___ Exercise materials
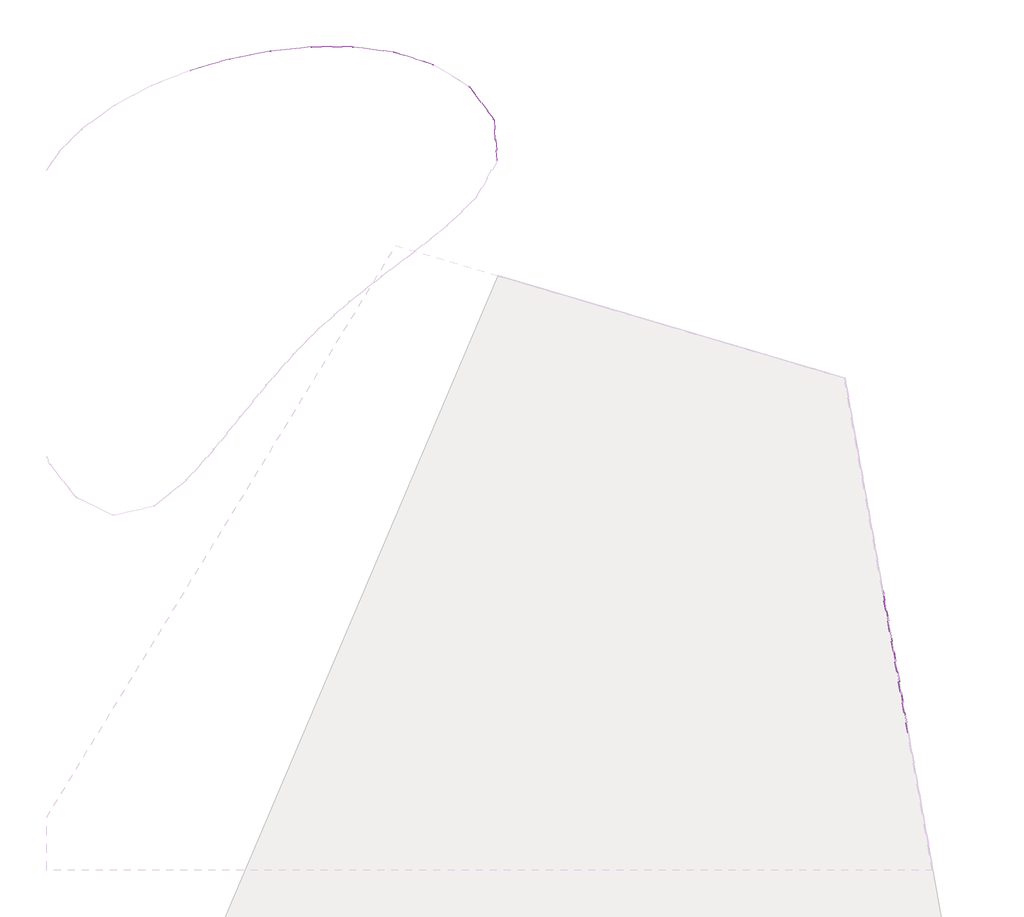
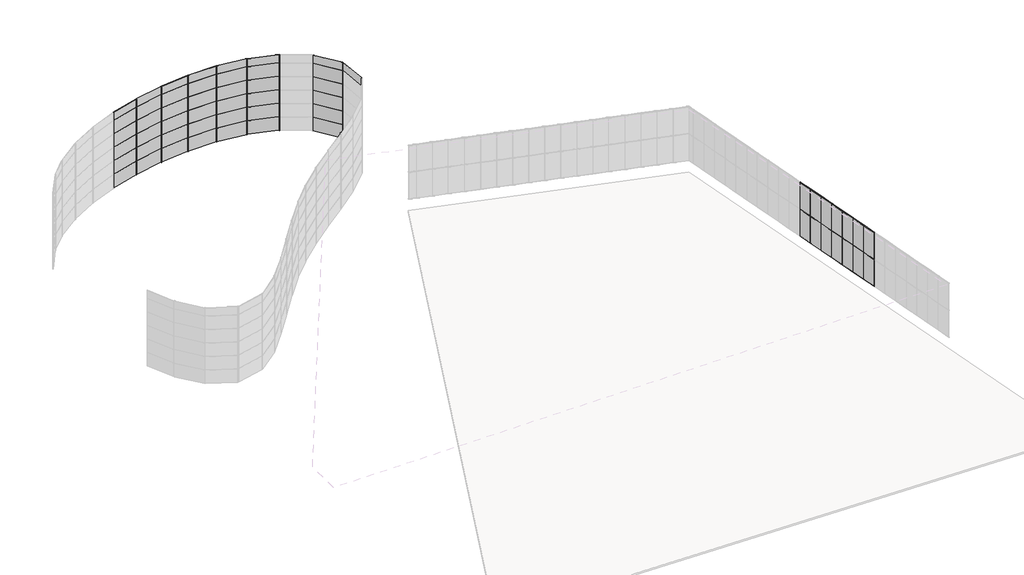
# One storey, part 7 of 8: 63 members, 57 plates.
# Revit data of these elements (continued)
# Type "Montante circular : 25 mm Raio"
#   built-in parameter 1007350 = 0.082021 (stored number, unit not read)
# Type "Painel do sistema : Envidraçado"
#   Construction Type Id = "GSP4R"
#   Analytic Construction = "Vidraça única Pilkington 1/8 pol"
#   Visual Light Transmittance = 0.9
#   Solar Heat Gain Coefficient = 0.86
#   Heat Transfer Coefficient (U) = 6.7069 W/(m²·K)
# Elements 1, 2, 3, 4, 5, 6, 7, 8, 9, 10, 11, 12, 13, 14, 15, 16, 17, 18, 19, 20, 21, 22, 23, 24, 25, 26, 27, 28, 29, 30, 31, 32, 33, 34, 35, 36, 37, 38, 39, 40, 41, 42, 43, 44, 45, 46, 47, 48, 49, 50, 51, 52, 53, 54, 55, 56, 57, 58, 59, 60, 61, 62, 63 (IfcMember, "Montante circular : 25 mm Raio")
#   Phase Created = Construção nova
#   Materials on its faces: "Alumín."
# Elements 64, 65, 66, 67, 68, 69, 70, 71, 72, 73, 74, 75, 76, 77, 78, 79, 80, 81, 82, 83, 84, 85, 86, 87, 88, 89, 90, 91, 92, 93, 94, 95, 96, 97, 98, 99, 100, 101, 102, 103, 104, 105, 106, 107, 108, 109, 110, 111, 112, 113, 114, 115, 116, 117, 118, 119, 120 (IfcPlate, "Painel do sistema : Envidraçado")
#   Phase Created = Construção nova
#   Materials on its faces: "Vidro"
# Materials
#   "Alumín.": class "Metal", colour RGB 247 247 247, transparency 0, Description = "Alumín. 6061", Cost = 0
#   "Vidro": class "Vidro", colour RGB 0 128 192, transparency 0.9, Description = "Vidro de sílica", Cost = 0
______
Restate the entries above word for word, keeping pictures out of the copy.

> **Solved exercise**:
# One storey, part 7 of 8: 63 members, 57 plates.
# Revit data of these elements (continued)
# Type "Montante circular : 25 mm Raio"
#   built-in parameter 1007350 = 0.082021 (stored number, unit not read)
# Type "Painel do sistema : Envidraçado"
#   Construction Type Id = "GSP4R"
#   Analytic Construction = "Vidraça única Pilkington 1/8 pol"
#   Visual Light Transmittance = 0.9
#   Solar Heat Gain Coefficient = 0.86
#   Heat Transfer Coefficient (U) = 6.7069 W/(m²·K)
# Elements 1, 2, 3, 4, 5, 6, 7, 8, 9, 10, 11, 12, 13, 14, 15, 16, 17, 18, 19, 20, 21, 22, 23, 24, 25, 26, 27, 28, 29, 30, 31, 32, 33, 34, 35, 36, 37, 38, 39, 40, 41, 42, 43, 44, 45, 46, 47, 48, 49, 50, 51, 52, 53, 54, 55, 56, 57, 58, 59, 60, 61, 62, 63 (IfcMember, "Montante circular : 25 mm Raio")
#   Phase Created = Construção nova
#   Materials on its faces: "Alumín."
# Elements 64, 65, 66, 67, 68, 69, 70, 71, 72, 73, 74, 75, 76, 77, 78, 79, 80, 81, 82, 83, 84, 85, 86, 87, 88, 89, 90, 91, 92, 93, 94, 95, 96, 97, 98, 99, 100, 101, 102, 103, 104, 105, 106, 107, 108, 109, 110, 111, 112, 113, 114, 115, 116, 117, 118, 119, 120 (IfcPlate, "Painel do sistema : Envidraçado")
#   Phase Created = Construção nova
#   Materials on its faces: "Vidro"
# Materials
#   "Alumín.": class "Metal", colour RGB 247 247 247, transparency 0, Description = "Alumín. 6061", Cost = 0
#   "Vidro": class "Vidro", colour RGB 0 128 192, transparency 0.9, Description = "Vidro de sílica", Cost = 0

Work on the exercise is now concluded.